Are they the sign of a good training session?

Are they a negative effect e.g overtraining?

Or neither good nor bad.


----------



## big_jim_87

if im not sore the next cpl days then it was a shyt wrk out!


----------



## ryoken

Im gonna say there a good sign as like big jim said if im not sore then i do look at it like i havent done enough/workout was crap!


----------



## Themanabolic

I agree with big jim, if it doesn't hurt it wasn't good


----------



## lshannon41

Agreed


----------



## robisco11

Irrelevant imo.


----------



## Willie

They aren't a reliable indicator - some people's muscles get used to being stressed and so don't really get doms despite a hard workout, whereas others get doms at the drop of a hat. Having them is strangely satisfying though.


----------



## Dsahna

Irrelevant for strength training but ive found them a great indicator for size gain:thumb:


----------



## defdaz

Great psychologically, and a good indicator of physical trauma that demands some sort of physiological response - ideally hypertrophy! :thumb:


----------



## Gerry_bhoy

Nice replies.

Would be interesting to hear from the people that voted 'bad'.


----------



## SK-XO

Good imo.

After a Leg Workout my I can't walk properly, I actually need help down the stairs or I crawl down the bannister haha. But the next day they are agony (DOMS) in a good way though. Several days later im still feeling it. However my legs are quite big and they are getting bigger and a lot more definition and size so must be doing something right?
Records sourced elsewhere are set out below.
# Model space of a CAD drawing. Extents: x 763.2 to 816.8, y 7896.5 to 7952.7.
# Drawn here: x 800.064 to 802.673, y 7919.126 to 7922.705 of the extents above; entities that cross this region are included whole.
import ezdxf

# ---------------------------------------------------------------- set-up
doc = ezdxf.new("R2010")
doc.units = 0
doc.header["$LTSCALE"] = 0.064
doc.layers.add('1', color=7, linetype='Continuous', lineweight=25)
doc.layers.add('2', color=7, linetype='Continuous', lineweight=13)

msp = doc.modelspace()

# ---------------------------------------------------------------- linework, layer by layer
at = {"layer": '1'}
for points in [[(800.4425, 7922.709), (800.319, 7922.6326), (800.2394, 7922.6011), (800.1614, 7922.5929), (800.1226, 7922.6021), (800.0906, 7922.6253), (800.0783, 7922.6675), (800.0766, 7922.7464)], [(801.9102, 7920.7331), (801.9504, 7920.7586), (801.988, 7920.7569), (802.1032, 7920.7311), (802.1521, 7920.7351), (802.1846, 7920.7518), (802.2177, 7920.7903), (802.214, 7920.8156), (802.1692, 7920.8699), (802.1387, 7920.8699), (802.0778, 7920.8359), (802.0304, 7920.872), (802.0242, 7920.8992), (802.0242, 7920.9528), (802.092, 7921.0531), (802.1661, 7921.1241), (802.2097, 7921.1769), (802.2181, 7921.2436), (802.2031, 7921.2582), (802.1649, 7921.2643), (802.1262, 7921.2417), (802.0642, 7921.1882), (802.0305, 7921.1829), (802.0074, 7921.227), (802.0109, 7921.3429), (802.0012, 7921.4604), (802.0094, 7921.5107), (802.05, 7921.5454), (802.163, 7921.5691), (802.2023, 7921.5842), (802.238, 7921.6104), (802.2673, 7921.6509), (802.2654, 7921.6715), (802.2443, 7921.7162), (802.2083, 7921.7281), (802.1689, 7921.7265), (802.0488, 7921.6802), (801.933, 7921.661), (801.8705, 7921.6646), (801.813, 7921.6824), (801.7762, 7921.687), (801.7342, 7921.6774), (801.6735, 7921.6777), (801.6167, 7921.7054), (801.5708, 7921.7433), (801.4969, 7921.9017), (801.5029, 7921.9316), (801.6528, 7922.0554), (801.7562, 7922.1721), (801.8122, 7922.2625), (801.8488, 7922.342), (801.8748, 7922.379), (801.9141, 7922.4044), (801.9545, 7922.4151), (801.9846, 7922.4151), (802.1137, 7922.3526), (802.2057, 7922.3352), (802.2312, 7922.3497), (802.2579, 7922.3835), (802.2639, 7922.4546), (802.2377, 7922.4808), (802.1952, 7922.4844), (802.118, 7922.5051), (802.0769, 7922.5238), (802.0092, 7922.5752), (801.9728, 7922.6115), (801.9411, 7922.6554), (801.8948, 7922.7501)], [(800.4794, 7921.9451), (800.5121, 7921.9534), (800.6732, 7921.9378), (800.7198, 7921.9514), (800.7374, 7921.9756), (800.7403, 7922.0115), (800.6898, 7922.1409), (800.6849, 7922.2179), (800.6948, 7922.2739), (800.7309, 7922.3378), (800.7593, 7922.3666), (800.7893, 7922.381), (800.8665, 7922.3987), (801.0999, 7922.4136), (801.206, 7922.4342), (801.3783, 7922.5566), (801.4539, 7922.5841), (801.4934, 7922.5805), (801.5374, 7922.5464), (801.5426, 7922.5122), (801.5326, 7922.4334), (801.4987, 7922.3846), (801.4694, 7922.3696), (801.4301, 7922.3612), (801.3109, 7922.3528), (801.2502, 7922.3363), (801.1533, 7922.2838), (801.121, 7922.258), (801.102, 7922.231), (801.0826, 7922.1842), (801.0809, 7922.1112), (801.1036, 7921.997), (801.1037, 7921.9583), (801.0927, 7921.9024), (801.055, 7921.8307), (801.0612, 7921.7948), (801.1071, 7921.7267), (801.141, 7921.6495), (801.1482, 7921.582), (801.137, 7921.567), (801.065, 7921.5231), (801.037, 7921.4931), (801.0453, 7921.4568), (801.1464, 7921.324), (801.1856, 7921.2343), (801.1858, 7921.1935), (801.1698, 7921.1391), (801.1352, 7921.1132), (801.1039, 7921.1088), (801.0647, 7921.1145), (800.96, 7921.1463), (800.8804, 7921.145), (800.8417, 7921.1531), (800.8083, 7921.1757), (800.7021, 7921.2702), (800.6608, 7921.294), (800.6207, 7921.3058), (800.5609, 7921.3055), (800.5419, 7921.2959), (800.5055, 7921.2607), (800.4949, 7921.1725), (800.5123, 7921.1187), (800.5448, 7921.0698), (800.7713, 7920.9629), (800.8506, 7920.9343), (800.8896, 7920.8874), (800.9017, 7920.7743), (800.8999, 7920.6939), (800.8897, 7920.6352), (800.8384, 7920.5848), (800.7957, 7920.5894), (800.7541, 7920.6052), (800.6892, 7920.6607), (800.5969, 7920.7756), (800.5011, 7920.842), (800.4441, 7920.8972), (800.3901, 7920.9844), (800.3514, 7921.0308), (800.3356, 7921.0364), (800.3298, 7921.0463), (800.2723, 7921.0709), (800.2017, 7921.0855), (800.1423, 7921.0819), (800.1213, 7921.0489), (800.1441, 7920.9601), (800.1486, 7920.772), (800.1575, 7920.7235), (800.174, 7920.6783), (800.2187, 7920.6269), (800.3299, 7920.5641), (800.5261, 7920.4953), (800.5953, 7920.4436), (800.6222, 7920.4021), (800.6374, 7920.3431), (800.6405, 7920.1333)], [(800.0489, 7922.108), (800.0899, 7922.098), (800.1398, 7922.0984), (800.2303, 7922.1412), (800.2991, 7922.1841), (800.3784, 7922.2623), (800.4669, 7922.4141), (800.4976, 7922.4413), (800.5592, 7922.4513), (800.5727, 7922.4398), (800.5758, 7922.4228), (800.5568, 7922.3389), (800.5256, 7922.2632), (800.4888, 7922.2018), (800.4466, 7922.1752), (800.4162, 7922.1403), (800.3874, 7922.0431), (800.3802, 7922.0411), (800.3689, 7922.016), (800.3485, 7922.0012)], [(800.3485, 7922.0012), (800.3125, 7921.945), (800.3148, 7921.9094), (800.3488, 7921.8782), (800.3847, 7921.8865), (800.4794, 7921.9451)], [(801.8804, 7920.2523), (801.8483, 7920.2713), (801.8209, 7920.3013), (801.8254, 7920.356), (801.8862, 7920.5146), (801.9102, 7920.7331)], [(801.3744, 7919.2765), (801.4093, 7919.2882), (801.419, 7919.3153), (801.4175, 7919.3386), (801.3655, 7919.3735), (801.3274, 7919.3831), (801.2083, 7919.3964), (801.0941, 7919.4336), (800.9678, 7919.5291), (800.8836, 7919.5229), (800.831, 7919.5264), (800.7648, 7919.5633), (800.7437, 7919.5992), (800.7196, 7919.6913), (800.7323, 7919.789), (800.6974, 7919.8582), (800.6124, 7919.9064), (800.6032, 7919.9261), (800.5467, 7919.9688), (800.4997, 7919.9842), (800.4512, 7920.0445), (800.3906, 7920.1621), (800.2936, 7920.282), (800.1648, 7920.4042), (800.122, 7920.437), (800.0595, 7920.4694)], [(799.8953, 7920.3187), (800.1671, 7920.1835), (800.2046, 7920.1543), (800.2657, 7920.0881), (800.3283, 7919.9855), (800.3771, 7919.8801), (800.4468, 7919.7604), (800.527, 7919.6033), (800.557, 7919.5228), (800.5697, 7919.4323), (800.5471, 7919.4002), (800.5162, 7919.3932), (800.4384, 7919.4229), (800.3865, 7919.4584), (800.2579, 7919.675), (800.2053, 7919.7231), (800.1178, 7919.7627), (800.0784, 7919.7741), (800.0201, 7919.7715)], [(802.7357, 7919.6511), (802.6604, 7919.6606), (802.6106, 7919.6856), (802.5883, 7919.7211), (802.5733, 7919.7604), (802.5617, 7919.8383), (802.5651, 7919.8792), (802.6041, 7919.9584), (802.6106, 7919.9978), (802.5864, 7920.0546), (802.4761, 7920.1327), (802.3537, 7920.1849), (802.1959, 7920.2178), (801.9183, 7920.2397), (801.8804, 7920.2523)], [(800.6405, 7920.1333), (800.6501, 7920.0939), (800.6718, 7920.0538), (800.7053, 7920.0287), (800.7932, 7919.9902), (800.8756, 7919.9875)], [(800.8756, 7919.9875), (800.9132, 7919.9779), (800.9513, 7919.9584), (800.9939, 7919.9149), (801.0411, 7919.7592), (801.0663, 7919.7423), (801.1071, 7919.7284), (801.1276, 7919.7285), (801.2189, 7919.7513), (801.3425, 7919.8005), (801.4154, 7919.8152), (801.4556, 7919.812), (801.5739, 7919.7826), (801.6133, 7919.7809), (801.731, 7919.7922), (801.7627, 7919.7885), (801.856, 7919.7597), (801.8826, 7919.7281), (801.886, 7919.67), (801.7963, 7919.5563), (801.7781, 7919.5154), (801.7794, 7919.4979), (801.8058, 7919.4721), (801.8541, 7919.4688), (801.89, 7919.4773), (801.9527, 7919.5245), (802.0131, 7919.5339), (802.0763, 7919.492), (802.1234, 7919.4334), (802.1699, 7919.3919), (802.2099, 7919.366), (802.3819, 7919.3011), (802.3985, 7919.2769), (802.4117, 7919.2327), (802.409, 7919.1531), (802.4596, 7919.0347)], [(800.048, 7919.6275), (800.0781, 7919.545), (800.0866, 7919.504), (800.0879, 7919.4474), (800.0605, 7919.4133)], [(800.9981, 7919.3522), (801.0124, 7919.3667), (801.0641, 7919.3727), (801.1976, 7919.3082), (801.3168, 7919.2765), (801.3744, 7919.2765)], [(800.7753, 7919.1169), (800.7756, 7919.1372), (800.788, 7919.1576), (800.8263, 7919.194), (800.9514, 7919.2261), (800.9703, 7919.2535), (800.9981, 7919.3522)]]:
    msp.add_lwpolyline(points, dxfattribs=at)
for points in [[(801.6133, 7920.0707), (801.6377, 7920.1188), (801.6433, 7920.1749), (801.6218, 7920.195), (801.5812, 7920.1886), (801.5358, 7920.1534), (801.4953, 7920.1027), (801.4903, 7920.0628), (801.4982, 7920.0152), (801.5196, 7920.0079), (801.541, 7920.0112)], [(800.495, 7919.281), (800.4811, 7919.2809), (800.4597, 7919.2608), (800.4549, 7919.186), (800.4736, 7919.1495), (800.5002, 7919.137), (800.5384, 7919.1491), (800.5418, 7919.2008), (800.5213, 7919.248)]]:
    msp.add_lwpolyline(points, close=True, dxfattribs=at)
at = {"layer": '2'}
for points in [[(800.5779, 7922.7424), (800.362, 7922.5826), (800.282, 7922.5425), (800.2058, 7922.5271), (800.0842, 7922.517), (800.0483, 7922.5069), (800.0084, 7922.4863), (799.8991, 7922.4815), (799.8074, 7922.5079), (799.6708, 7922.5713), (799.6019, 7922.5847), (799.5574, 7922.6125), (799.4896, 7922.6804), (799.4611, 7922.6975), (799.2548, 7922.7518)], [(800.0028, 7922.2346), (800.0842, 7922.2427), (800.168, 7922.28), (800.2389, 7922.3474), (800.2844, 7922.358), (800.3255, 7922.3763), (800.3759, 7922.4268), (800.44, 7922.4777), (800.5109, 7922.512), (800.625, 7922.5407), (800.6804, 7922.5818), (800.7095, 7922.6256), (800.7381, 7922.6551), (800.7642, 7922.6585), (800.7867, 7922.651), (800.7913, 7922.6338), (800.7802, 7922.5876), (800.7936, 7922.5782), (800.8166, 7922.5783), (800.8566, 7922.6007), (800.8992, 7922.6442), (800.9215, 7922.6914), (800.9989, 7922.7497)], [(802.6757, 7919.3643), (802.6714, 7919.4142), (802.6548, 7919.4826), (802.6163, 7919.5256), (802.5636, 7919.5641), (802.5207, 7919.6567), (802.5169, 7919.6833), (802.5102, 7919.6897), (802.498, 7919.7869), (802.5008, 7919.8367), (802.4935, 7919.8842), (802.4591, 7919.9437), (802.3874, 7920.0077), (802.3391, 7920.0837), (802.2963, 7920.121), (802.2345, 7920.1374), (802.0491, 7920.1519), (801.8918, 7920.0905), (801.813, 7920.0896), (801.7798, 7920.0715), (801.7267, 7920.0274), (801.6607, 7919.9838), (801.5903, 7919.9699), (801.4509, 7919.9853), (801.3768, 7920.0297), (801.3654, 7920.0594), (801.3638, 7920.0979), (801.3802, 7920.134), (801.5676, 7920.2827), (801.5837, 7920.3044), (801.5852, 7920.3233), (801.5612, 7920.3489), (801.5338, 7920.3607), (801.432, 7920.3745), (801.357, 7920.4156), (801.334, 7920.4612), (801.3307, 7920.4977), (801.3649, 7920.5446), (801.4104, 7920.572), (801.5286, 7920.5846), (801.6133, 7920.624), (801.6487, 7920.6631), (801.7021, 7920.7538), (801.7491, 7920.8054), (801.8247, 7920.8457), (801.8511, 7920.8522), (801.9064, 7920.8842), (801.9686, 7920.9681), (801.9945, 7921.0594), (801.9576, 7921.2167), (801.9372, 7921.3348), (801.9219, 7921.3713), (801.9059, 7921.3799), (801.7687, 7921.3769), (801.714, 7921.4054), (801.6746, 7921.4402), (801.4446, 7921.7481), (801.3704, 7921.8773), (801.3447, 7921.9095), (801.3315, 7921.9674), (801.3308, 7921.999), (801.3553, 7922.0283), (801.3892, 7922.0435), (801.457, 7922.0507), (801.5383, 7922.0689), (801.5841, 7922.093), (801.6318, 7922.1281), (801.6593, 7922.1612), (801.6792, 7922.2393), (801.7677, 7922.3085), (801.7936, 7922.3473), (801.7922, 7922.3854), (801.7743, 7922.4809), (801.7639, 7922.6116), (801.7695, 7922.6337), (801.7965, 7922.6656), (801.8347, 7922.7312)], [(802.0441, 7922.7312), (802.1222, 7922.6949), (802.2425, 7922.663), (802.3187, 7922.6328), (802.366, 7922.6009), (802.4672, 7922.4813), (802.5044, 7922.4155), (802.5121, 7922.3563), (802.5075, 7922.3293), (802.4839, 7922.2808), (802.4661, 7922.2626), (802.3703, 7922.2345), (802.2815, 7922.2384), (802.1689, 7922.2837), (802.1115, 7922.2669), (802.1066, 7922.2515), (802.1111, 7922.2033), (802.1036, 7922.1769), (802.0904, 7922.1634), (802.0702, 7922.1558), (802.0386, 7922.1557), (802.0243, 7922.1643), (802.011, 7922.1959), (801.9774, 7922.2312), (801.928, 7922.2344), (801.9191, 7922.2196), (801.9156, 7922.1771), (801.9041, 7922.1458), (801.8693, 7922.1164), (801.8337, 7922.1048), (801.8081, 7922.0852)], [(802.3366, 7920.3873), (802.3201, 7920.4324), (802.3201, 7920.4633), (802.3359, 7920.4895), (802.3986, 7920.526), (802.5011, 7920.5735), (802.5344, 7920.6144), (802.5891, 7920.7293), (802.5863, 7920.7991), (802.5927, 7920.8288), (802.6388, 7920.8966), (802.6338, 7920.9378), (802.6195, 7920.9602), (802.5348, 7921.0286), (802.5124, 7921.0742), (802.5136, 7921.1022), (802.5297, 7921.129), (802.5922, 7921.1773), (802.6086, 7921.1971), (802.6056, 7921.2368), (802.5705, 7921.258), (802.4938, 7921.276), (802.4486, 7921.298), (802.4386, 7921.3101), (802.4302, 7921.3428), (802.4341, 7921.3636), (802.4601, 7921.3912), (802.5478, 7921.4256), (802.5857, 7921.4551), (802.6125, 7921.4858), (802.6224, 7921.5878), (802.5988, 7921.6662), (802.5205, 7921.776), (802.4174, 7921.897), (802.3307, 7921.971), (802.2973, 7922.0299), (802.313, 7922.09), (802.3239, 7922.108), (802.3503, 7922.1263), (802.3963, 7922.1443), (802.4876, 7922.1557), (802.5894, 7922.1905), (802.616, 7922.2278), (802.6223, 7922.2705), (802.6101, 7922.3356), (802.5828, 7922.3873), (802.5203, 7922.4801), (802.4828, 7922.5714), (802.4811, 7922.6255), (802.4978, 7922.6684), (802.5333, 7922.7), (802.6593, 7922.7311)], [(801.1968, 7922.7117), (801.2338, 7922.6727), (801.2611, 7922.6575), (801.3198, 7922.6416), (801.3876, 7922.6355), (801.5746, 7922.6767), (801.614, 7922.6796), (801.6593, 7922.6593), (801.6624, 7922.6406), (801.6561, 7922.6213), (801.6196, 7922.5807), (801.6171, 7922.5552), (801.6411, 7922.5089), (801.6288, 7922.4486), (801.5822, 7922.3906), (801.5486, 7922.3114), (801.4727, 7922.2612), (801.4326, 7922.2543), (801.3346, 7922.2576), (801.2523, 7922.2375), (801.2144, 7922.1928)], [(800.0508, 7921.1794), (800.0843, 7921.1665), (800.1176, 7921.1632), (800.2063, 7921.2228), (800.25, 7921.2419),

I get DOMS more in an area than another, for example I don't get DOMS in my arms much, it's a slight tense pain the next day but it goes away. Chest I get DOMS for a good 2 days.


----------



## Jux

Chest, legs and tri's. Everything else i dont get doms in.


----------



## cellaratt

As long as we are only talking about Doms I think it's a good feeling but could be irrelivant, if a overstretched tendon/ligamnet is the source of the pain then that could lead to seriouse problems...I think it's important to be able to identify the differance...


----------



## ryoken

cellaratt said:


> As long as we are only talking about Doms I think it's a good feeling but could be irrelivant, if a overstretched tendon/ligamnet is the source of the pain then that could lead to seriouse problems...I think it's important to be able to identify the differance...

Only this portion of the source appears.